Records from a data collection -
-=-=-=-=-
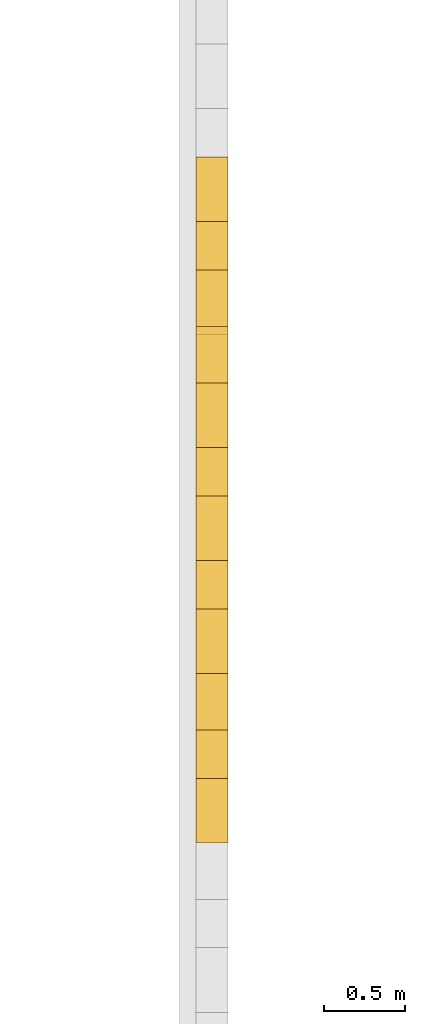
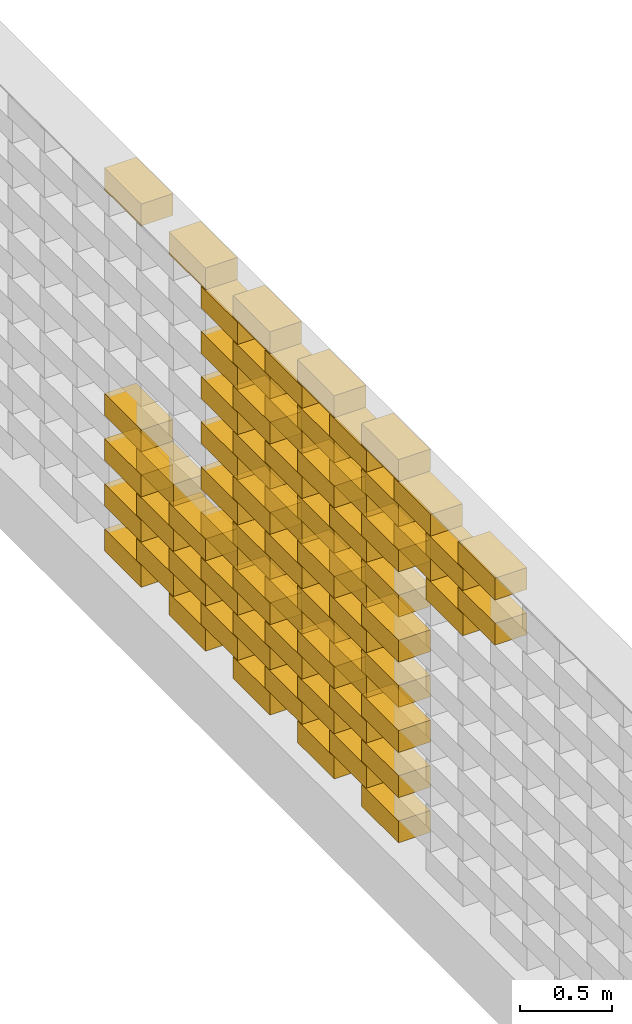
# One storey, part 42 of 62: 80 railings.
"""IFC2X3 building model written with IfcOpenShell, lengths in millimetres."""

from ifc_helpers import new_model, entity, si_unit, converted_unit, derived_unit, money_unit, direction, frame, origin_with_axes, place, context, subcontext, project, spatial, polyline, outline, extrude, material, type_object, element, save


model = new_model("IFC2X3")

# Units and contexts
model_context = context("Model", 3, precision=0.01, world=origin_with_axes(), true_north=direction((0.0, 1.0)))
body_context = subcontext(model_context, "Body", "Model", "MODEL_VIEW")
ifc_project = project(units=[si_unit("LENGTHUNIT", "METRE", prefix="MILLI"), si_unit("AREAUNIT", "SQUARE_METRE"), si_unit("VOLUMEUNIT", "CUBIC_METRE"), converted_unit("PLANEANGLEUNIT", "DEGREE", entity("IfcPlaneAngleMeasure", 0.0174532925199), si_unit("PLANEANGLEUNIT", "RADIAN"), dimensions=[0, 0, 0, 0, 0, 0, 0]), si_unit("SOLIDANGLEUNIT", "STERADIAN"), money_unit("EUR"), converted_unit("TIMEUNIT", "Year", entity("IfcTimeMeasure", 31556926.0), si_unit("TIMEUNIT", "SECOND"), dimensions=[0, 0, 1, 0, 0, 0, 0]), si_unit("MASSUNIT", "GRAM", prefix="KILO"), si_unit("THERMODYNAMICTEMPERATUREUNIT", "DEGREE_CELSIUS"), si_unit("LUMINOUSINTENSITYUNIT", "LUMEN"), si_unit("ENERGYUNIT", "JOULE", prefix="MEGA"), derived_unit("THERMALCONDUCTANCEUNIT", [(si_unit("POWERUNIT", "WATT"), 1), (si_unit("LENGTHUNIT", "METRE"), -1), (si_unit("THERMODYNAMICTEMPERATUREUNIT", "KELVIN"), -1)]), derived_unit("SPECIFICHEATCAPACITYUNIT", [(si_unit("ENERGYUNIT", "JOULE"), 1), (si_unit("MASSUNIT", "GRAM", prefix="KILO"), -1), (si_unit("THERMODYNAMICTEMPERATUREUNIT", "KELVIN"), -1)]), derived_unit("MASSDENSITYUNIT", [(si_unit("MASSUNIT", "GRAM", prefix="KILO"), 1), (si_unit("VOLUMEUNIT", "CUBIC_METRE"), -1)])], contexts=[model_context])

# Site, building, storey
site_placement = place(None, origin_with_axes())
site = spatial("IfcSite", under=ifc_project, at=site_placement, Name="KIRDE 14, ELVA", CompositionType="ELEMENT")
building_placement = place(site_placement, origin_with_axes())
building = spatial("IfcBuilding", under=site, at=building_placement, Name="PPA ja Päästeameti ühishoone", CompositionType="ELEMENT")
storey_placement = place(building_placement, origin_with_axes())
storey = spatial("IfcBuildingStorey", under=building, at=storey_placement, Name="Esimene korrus", CompositionType="ELEMENT", Elevation=0.0)

# Railings
ifc_material = material(Name="Air Space")
railing_type = type_object("IfcRailingType", Name="Air Space 200", PredefinedType="NOTDEFINED")
railing_1_placement = place(storey_placement, frame((620.000151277, -10423.8398399, 2800.0), z_axis=(0.0, 0.0, 1.0), x_axis=(8.73114910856e-10, -1.0, 0.0)))
element("IfcRailing", 1, at=railing_1_placement, inside=storey, type_object=railing_type, material=ifc_material, Name="plokk", PredefinedType="NOTDEFINED", context=body_context, shape_type="SweptSolid", body=[
    extrude(outline(polyline([(0.0, 0.0), (400.000001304, 0.0), (400.000001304, 200.0), (0.0, 200.0), (0.0, 0.0)])), origin_with_axes(), (0.0, 0.0, 1.0), 145.0),
])
railing_2_placement = place(storey_placement, frame((620.000151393, -11823.8398403, 2800.0), z_axis=(0.0, 0.0, 1.0), x_axis=(-4.36557457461e-10, -1.0, 0.0)))
element("IfcRailing", 2, at=railing_2_placement, inside=storey, type_object=railing_type, material=ifc_material, Name="plokk", PredefinedType="NOTDEFINED", context=body_context, shape_type="SweptSolid", body=[
    extrude(outline(polyline([(0.0, 0.0), (399.999999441, 0.0), (399.999999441, 200.0), (0.0, 200.0), (0.0, 0.0)])), origin_with_axes(), (0.0, 0.0, 1.0), 145.0),
])
railing_3_placement = place(storey_placement, frame((620.000151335, -11123.8398401, 2800.0), z_axis=(0.0, 0.0, 1.0), x_axis=(7.27595759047e-10, -1.0, 0.0)))
element("IfcRailing", 3, at=railing_3_placement, inside=storey, type_object=railing_type, material=ifc_material, Name="plokk", PredefinedType="NOTDEFINED", context=body_context, shape_type="SweptSolid", body=[
    extrude(outline(polyline([(0.0, 0.0), (400.000001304, 0.0), (400.000001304, 200.0), (0.0, 200.0), (0.0, 0.0)])), origin_with_axes(), (0.0, 0.0, 1.0), 145.0),
])
railing_4_placement = place(storey_placement, frame((620.000151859, -12523.8398396, 2800.0), z_axis=(0.0, 0.0, 1.0), x_axis=(7.27595762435e-10, -1.0, 0.0)))
element("IfcRailing", 4, at=railing_4_placement, inside=storey, type_object=railing_type, material=ifc_material, Name="plokk", PredefinedType="NOTDEFINED", context=body_context, shape_type="SweptSolid", body=[
    extrude(outline(polyline([(0.0, 0.0), (399.999999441, 0.0), (399.999999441, 200.0), (0.0, 200.0), (0.0, 0.0)])), origin_with_axes(), (0.0, 0.0, 1.0), 145.0),
])
for number, where, z_axis, x_axis in (
    (5, (620.000151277, -10423.8398399, 400.0), (0.0, 0.0, 1.0), (8.73114910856e-10, -1.0, 0.0)),
    (6, (620.000151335, -11123.8398401, 400.0), (0.0, 0.0, 1.0), (7.27595759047e-10, -1.0, 0.0)),
):
    element("IfcRailing", number, at=place(storey_placement, frame(where, z_axis=z_axis, x_axis=x_axis)), inside=storey, type_object=railing_type, material=ifc_material, Name="plokk", PredefinedType="NOTDEFINED", context=body_context, shape_type="SweptSolid", body=[
        extrude(outline(polyline([(0.0, 0.0), (400.000001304, 0.0), (400.000001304, 200.0), (0.0, 200.0), (0.0, 0.0)])), origin_with_axes(), (0.0, 0.0, 1.0), 145.0),
    ])
for number, where, z_axis, x_axis in (
    (7, (620.000151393, -11823.8398403, 400.0), (0.0, 0.0, 1.0), (-4.36557457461e-10, -1.0, 0.0)),
    (8, (620.000151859, -12523.8398396, 400.0), (0.0, 0.0, 1.0), (7.27595762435e-10, -1.0, 0.0)),
):
    element("IfcRailing", number, at=place(storey_placement, frame(where, z_axis=z_axis, x_axis=x_axis)), inside=storey, type_object=railing_type, material=ifc_material, Name="plokk", PredefinedType="NOTDEFINED", context=body_context, shape_type="SweptSolid", body=[
        extrude(outline(polyline([(0.0, 0.0), (399.999999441, 0.0), (399.999999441, 200.0), (0.0, 200.0), (0.0, 0.0)])), origin_with_axes(), (0.0, 0.0, 1.0), 145.0),
    ])
for number, where, z_axis, x_axis in (
    (9, (620.00015151, -13223.8398398, 400.0), (0.0, 0.0, 1.0), (7.27595760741e-10, -1.0, 0.0)),
    (10, (620.000152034, -10773.8398396, 550.0), (0.0, 0.0, 1.0), (-4.36557456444e-10, -1.0, 0.0)),
):
    element("IfcRailing", number, at=place(storey_placement, frame(where, z_axis=z_axis, x_axis=x_axis)), inside=storey, type_object=railing_type, material=ifc_material, Name="plokk", PredefinedType="NOTDEFINED", context=body_context, shape_type="SweptSolid", body=[
        extrude(outline(polyline([(0.0, 0.0), (400.000000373, 0.0), (400.000000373, 200.0), (0.0, 200.0), (0.0, 0.0)])), origin_with_axes(), (0.0, 0.0, 1.0), 145.0),
    ])
railing_5_placement = place(storey_placement, frame((620.00015151, -11473.8398398, 550.0), z_axis=(0.0, 0.0, 1.0), x_axis=(-1.16415321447e-09, -1.0, 0.0)))
element("IfcRailing", 11, at=railing_5_placement, inside=storey, type_object=railing_type, material=ifc_material, Name="plokk", PredefinedType="NOTDEFINED", context=body_context, shape_type="SweptSolid", body=[
    extrude(outline(polyline([(0.0, 0.0), (400.000001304, 0.0), (400.000001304, 200.0), (0.0, 200.0), (0.0, 0.0)])), origin_with_axes(), (0.0, 0.0, 1.0), 145.0),
])
railing_6_placement = place(storey_placement, frame((620.000151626, -12173.8398409, 550.0), z_axis=(0.0, 0.0, 1.0), x_axis=(7.27595762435e-10, -1.0, 0.0)))
element("IfcRailing", 12, at=railing_6_placement, inside=storey, type_object=railing_type, material=ifc_material, Name="plokk", PredefinedType="NOTDEFINED", context=body_context, shape_type="SweptSolid", body=[
    extrude(outline(polyline([(0.0, 0.0), (399.999999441, 0.0), (399.999999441, 200.0), (0.0, 200.0), (0.0, 0.0)])), origin_with_axes(), (0.0, 0.0, 1.0), 145.0),
])
for number, where, z_axis, x_axis in (
    (13, (620.000151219, -12873.8398401, 550.0), (0.0, 0.0, 1.0), (1.45519151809e-09, -1.0, 0.0)),
    (14, (620.000151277, -10423.8398399, 700.0), (0.0, 0.0, 1.0), (8.73114910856e-10, -1.0, 0.0)),
    (15, (620.000151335, -11123.8398401, 700.0), (0.0, 0.0, 1.0), (7.27595759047e-10, -1.0, 0.0)),
):
    element("IfcRailing", number, at=place(storey_placement, frame(where, z_axis=z_axis, x_axis=x_axis)), inside=storey, type_object=railing_type, material=ifc_material, Name="plokk", PredefinedType="NOTDEFINED", context=body_context, shape_type="SweptSolid", body=[
        extrude(outline(polyline([(0.0, 0.0), (400.000001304, 0.0), (400.000001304, 200.0), (0.0, 200.0), (0.0, 0.0)])), origin_with_axes(), (0.0, 0.0, 1.0), 145.0),
    ])
for number, where, z_axis, x_axis in (
    (16, (620.000151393, -11823.8398403, 700.0), (0.0, 0.0, 1.0), (-4.36557457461e-10, -1.0, 0.0)),
    (17, (620.000151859, -12523.8398396, 700.0), (0.0, 0.0, 1.0), (7.27595762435e-10, -1.0, 0.0)),
):
    element("IfcRailing", number, at=place(storey_placement, frame(where, z_axis=z_axis, x_axis=x_axis)), inside=storey, type_object=railing_type, material=ifc_material, Name="plokk", PredefinedType="NOTDEFINED", context=body_context, shape_type="SweptSolid", body=[
        extrude(outline(polyline([(0.0, 0.0), (399.999999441, 0.0), (399.999999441, 200.0), (0.0, 200.0), (0.0, 0.0)])), origin_with_axes(), (0.0, 0.0, 1.0), 145.0),
    ])
for number, where, z_axis, x_axis in (
    (18, (620.00015151, -13223.8398398, 700.0), (0.0, 0.0, 1.0), (7.27595760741e-10, -1.0, 0.0)),
    (19, (620.000152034, -10773.8398396, 850.0), (0.0, 0.0, 1.0), (-4.36557456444e-10, -1.0, 0.0)),
):
    element("IfcRailing", number, at=place(storey_placement, frame(where, z_axis=z_axis, x_axis=x_axis)), inside=storey, type_object=railing_type, material=ifc_material, Name="plokk", PredefinedType="NOTDEFINED", context=body_context, shape_type="SweptSolid", body=[
        extrude(outline(polyline([(0.0, 0.0), (400.000000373, 0.0), (400.000000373, 200.0), (0.0, 200.0), (0.0, 0.0)])), origin_with_axes(), (0.0, 0.0, 1.0), 145.0),
    ])
railing_7_placement = place(storey_placement, frame((620.00015151, -11473.8398398, 850.0), z_axis=(0.0, 0.0, 1.0), x_axis=(-1.16415321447e-09, -1.0, 0.0)))
element("IfcRailing", 20, at=railing_7_placement, inside=storey, type_object=railing_type, material=ifc_material, Name="plokk", PredefinedType="NOTDEFINED", context=body_context, shape_type="SweptSolid", body=[
    extrude(outline(polyline([(0.0, 0.0), (400.000001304, 0.0), (400.000001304, 200.0), (0.0, 200.0), (0.0, 0.0)])), origin_with_axes(), (0.0, 0.0, 1.0), 145.0),
])
railing_8_placement = place(storey_placement, frame((620.000151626, -12173.8398409, 850.0), z_axis=(0.0, 0.0, 1.0), x_axis=(7.27595762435e-10, -1.0, 0.0)))
element("IfcRailing", 21, at=railing_8_placement, inside=storey, type_object=railing_type, material=ifc_material, Name="plokk", PredefinedType="NOTDEFINED", context=body_context, shape_type="SweptSolid", body=[
    extrude(outline(polyline([(0.0, 0.0), (399.999999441, 0.0), (399.999999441, 200.0), (0.0, 200.0), (0.0, 0.0)])), origin_with_axes(), (0.0, 0.0, 1.0), 145.0),
])
for number, where, z_axis, x_axis in (
    (22, (620.000151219, -12873.8398401, 850.0), (0.0, 0.0, 1.0), (1.45519151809e-09, -1.0, 0.0)),
    (23, (620.000151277, -10423.8398399, 1000.0), (0.0, 0.0, 1.0), (8.73114910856e-10, -1.0, 0.0)),
    (24, (620.000151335, -11123.8398401, 1000.0), (0.0, 0.0, 1.0), (7.27595759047e-10, -1.0, 0.0)),
):
    element("IfcRailing", number, at=place(storey_placement, frame(where, z_axis=z_axis, x_axis=x_axis)), inside=storey, type_object=railing_type, material=ifc_material, Name="plokk", PredefinedType="NOTDEFINED", context=body_context, shape_type="SweptSolid", body=[
        extrude(outline(polyline([(0.0, 0.0), (400.000001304, 0.0), (400.000001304, 200.0), (0.0, 200.0), (0.0, 0.0)])), origin_with_axes(), (0.0, 0.0, 1.0), 145.0),
    ])
for number, where, z_axis, x_axis in (
    (25, (620.000151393, -11823.8398403, 1000.0), (0.0, 0.0, 1.0), (-4.36557457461e-10, -1.0, 0.0)),
    (26, (620.000151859, -12523.8398396, 1000.0), (0.0, 0.0, 1.0), (7.27595762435e-10, -1.0, 0.0)),
):
    element("IfcRailing", number, at=place(storey_placement, frame(where, z_axis=z_axis, x_axis=x_axis)), inside=storey, type_object=railing_type, material=ifc_material, Name="plokk", PredefinedType="NOTDEFINED", context=body_context, shape_type="SweptSolid", body=[
        extrude(outline(polyline([(0.0, 0.0), (399.999999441, 0.0), (399.999999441, 200.0), (0.0, 200.0), (0.0, 0.0)])), origin_with_axes(), (0.0, 0.0, 1.0), 145.0),
    ])
for number, where, z_axis, x_axis in (
    (27, (620.00015151, -13223.8398398, 1000.0), (0.0, 0.0, 1.0), (7.27595760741e-10, -1.0, 0.0)),
    (28, (620.00015151, -13223.8398398, 2800.0), (0.0, 0.0, 1.0), (7.27595760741e-10, -1.0, 0.0)),
):
    element("IfcRailing", number, at=place(storey_placement, frame(where, z_axis=z_axis, x_axis=x_axis)), inside=storey, type_object=railing_type, material=ifc_material, Name="plokk", PredefinedType="NOTDEFINED", context=body_context, shape_type="SweptSolid", body=[
        extrude(outline(polyline([(0.0, 0.0), (400.000000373, 0.0), (400.000000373, 200.0), (0.0, 200.0), (0.0, 0.0)])), origin_with_axes(), (0.0, 0.0, 1.0), 145.0),
    ])
for number, where, z_axis, x_axis in (
    (29, (620.000151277, -10423.8398399, 1000.0), (0.0, 0.0, 1.0), (8.73114910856e-10, -1.0, 0.0)),
    (30, (620.000151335, -11123.8398401, 1000.0), (0.0, 0.0, 1.0), (7.27595759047e-10, -1.0, 0.0)),
):
    element("IfcRailing", number, at=place(storey_placement, frame(where, z_axis=z_axis, x_axis=x_axis)), inside=storey, type_object=railing_type, material=ifc_material, Name="plokk", PredefinedType="NOTDEFINED", context=body_context, shape_type="SweptSolid", body=[
        extrude(outline(polyline([(0.0, 0.0), (400.000001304, 0.0), (400.000001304, 200.0), (0.0, 200.0), (0.0, 0.0)])), origin_with_axes(), (0.0, 0.0, 1.0), 145.0),
    ])
for number, where, z_axis, x_axis in (
    (31, (620.000151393, -11823.8398403, 1000.0), (0.0, 0.0, 1.0), (-4.36557457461e-10, -1.0, 0.0)),
    (32, (620.000151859, -12523.8398396, 1000.0), (0.0, 0.0, 1.0), (7.27595762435e-10, -1.0, 0.0)),
):
    element("IfcRailing", number, at=place(storey_placement, frame(where, z_axis=z_axis, x_axis=x_axis)), inside=storey, type_object=railing_type, material=ifc_material, Name="plokk", PredefinedType="NOTDEFINED", context=body_context, shape_type="SweptSolid", body=[
        extrude(outline(polyline([(0.0, 0.0), (399.999999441, 0.0), (399.999999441, 200.0), (0.0, 200.0), (0.0, 0.0)])), origin_with_axes(), (0.0, 0.0, 1.0), 145.0),
    ])
for number, where, z_axis, x_axis in (
    (33, (620.00015151, -13223.8398398, 1000.0), (0.0, 0.0, 1.0), (7.27595760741e-10, -1.0, 0.0)),
    (34, (620.000152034, -10773.8398396, 1150.0), (0.0, 0.0, 1.0), (-4.36557456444e-10, -1.0, 0.0)),
):
    element("IfcRailing", number, at=place(storey_placement, frame(where, z_axis=z_axis, x_axis=x_axis)), inside=storey, type_object=railing_type, material=ifc_material, Name="plokk", PredefinedType="NOTDEFINED", context=body_context, shape_type="SweptSolid", body=[
        extrude(outline(polyline([(0.0, 0.0), (400.000000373, 0.0), (400.000000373, 200.0), (0.0, 200.0), (0.0, 0.0)])), origin_with_axes(), (0.0, 0.0, 1.0), 145.0),
    ])
railing_9_placement = place(storey_placement, frame((620.00015151, -11473.8398398, 1150.0), z_axis=(0.0, 0.0, 1.0), x_axis=(-1.16415321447e-09, -1.0, 0.0)))
element("IfcRailing", 35, at=railing_9_placement, inside=storey, type_object=railing_type, material=ifc_material, Name="plokk", PredefinedType="NOTDEFINED", context=body_context, shape_type="SweptSolid", body=[
    extrude(outline(polyline([(0.0, 0.0), (400.000001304, 0.0), (400.000001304, 200.0), (0.0, 200.0), (0.0, 0.0)])), origin_with_axes(), (0.0, 0.0, 1.0), 145.0),
])
railing_10_placement = place(storey_placement, frame((620.000151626, -12173.8398409, 1150.0), z_axis=(0.0, 0.0, 1.0), x_axis=(7.27595762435e-10, -1.0, 0.0)))
element("IfcRailing", 36, at=railing_10_placement, inside=storey, type_object=railing_type, material=ifc_material, Name="plokk", PredefinedType="NOTDEFINED", context=body_context, shape_type="SweptSolid", body=[
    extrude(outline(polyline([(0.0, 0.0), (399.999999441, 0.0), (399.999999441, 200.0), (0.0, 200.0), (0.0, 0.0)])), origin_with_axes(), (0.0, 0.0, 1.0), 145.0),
-=-=-=-=-
Aim of the exercise -
Report only the number of lines above that contain "Space".

Reply -
2